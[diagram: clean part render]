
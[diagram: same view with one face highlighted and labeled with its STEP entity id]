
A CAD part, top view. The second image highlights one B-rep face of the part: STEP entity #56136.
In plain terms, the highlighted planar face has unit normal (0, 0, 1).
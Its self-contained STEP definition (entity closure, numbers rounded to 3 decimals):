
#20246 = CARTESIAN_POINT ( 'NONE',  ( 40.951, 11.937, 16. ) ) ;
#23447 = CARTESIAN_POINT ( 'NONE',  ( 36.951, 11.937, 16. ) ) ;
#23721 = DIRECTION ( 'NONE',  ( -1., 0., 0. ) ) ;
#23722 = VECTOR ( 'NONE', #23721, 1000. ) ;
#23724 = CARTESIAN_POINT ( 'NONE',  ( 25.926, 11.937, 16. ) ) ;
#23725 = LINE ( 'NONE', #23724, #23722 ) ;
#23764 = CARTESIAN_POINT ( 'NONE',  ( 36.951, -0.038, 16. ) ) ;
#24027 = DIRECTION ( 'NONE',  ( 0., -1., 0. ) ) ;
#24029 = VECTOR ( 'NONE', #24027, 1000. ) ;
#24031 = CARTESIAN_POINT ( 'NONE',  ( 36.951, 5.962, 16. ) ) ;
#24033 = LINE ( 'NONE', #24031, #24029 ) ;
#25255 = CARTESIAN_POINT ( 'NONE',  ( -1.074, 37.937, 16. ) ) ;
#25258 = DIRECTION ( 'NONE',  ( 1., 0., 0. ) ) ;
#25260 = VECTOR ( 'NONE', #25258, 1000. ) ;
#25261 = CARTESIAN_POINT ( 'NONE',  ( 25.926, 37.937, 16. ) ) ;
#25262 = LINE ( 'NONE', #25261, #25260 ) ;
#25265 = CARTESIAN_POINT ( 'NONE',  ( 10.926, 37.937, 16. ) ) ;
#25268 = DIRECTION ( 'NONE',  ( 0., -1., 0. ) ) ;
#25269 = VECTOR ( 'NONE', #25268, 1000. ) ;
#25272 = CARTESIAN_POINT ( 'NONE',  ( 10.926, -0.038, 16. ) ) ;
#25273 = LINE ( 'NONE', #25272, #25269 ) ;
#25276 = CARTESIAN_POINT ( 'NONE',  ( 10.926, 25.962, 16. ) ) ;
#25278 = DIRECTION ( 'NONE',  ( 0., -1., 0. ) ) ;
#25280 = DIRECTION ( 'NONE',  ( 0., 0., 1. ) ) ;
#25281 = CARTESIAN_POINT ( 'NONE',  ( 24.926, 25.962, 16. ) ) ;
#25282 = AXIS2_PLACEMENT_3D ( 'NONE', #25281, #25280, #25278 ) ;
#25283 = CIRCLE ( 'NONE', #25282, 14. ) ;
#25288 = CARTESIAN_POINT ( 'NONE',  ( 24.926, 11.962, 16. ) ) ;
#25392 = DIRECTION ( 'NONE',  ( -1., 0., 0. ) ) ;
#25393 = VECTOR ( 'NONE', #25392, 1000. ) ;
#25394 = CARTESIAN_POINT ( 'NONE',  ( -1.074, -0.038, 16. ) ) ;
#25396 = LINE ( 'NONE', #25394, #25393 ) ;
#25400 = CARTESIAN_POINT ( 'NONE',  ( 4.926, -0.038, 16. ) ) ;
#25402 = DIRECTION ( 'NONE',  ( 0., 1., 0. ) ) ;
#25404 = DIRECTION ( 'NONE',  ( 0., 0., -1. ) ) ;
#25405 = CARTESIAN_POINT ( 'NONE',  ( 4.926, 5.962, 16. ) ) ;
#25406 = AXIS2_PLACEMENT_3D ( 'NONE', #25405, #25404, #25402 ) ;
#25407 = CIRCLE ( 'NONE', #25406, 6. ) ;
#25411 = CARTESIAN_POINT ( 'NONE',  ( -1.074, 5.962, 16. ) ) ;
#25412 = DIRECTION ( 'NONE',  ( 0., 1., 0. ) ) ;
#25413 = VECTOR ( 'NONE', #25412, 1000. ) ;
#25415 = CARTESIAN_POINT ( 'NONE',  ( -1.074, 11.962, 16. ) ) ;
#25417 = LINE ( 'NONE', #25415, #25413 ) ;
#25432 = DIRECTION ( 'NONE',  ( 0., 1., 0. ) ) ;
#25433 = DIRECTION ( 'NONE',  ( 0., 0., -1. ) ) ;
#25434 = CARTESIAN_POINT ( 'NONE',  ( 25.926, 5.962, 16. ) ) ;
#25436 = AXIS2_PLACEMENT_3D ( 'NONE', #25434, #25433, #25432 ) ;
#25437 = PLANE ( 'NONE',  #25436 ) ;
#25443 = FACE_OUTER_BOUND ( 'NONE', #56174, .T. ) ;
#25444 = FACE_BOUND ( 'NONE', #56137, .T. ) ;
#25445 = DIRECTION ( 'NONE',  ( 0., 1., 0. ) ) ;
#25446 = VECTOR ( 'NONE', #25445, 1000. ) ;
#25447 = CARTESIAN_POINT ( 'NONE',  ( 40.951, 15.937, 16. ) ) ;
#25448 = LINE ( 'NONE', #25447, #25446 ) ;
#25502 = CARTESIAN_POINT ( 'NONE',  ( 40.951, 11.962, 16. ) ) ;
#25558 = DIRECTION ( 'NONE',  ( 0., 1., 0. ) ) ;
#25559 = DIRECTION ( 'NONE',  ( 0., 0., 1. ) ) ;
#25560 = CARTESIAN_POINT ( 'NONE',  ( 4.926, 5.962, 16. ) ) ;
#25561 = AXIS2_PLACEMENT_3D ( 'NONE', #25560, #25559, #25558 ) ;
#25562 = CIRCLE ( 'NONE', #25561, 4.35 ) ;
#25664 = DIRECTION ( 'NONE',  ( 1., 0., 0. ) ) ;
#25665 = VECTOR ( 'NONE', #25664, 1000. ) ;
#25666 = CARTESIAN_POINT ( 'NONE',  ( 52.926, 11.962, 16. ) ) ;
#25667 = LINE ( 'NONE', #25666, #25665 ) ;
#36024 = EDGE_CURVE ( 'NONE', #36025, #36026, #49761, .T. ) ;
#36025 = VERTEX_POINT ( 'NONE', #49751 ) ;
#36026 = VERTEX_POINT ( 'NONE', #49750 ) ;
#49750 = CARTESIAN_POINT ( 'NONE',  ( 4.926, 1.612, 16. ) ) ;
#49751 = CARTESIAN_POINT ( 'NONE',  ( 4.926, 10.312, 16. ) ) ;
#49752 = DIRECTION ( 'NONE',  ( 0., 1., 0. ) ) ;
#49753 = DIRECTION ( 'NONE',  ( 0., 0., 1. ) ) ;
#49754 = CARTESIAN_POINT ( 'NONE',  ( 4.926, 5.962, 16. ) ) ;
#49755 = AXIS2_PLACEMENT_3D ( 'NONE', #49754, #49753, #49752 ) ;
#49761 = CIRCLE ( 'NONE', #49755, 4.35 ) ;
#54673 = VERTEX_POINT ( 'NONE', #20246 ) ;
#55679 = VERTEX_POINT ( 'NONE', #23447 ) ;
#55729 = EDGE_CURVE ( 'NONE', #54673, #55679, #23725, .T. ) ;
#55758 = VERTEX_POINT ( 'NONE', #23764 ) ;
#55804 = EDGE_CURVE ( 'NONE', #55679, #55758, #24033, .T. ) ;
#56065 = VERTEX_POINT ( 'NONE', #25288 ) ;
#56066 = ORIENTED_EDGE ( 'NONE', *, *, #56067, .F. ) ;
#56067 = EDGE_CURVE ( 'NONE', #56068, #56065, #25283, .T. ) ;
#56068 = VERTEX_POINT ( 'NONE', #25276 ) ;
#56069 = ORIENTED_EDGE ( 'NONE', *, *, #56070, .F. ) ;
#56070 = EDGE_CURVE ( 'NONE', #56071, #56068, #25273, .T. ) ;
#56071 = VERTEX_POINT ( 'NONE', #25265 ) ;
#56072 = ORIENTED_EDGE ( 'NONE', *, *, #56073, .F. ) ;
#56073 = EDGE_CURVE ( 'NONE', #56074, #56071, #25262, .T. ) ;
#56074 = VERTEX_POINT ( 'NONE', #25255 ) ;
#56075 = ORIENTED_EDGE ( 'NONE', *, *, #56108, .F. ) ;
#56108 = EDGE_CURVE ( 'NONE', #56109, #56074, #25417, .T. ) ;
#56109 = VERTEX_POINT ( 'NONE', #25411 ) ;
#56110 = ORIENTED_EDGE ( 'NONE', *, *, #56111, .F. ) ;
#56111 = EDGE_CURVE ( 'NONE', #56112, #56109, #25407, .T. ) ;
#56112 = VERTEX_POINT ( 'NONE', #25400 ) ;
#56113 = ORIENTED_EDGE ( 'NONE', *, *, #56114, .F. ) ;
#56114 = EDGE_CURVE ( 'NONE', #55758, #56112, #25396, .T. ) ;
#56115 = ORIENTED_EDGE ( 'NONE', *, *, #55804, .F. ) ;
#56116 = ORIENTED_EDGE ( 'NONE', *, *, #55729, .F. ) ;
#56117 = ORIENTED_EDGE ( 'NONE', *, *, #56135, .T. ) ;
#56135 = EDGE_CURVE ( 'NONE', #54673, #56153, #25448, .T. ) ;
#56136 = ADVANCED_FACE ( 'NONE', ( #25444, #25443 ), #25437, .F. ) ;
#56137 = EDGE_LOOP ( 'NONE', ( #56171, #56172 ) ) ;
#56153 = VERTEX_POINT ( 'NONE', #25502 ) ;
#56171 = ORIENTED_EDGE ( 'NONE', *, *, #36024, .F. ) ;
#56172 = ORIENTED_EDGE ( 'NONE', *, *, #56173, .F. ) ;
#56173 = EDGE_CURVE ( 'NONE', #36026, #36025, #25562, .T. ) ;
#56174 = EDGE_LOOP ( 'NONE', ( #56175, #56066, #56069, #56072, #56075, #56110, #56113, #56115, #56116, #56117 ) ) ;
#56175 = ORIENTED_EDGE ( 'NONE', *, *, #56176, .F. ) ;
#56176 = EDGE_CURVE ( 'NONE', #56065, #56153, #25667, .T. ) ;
-- -- --
Repeat, word for word, the lines from the opening of the material through the line containing "In plain terms, the".

§ Exercise solution
[diagram: clean part render]
[diagram: same view with one face highlighted and labeled with its STEP entity id]
A CAD part, top view. The second image highlights one B-rep face of the part: STEP entity #56136.
In plain terms, the highlighted planar face has unit normal (0, 0, 1).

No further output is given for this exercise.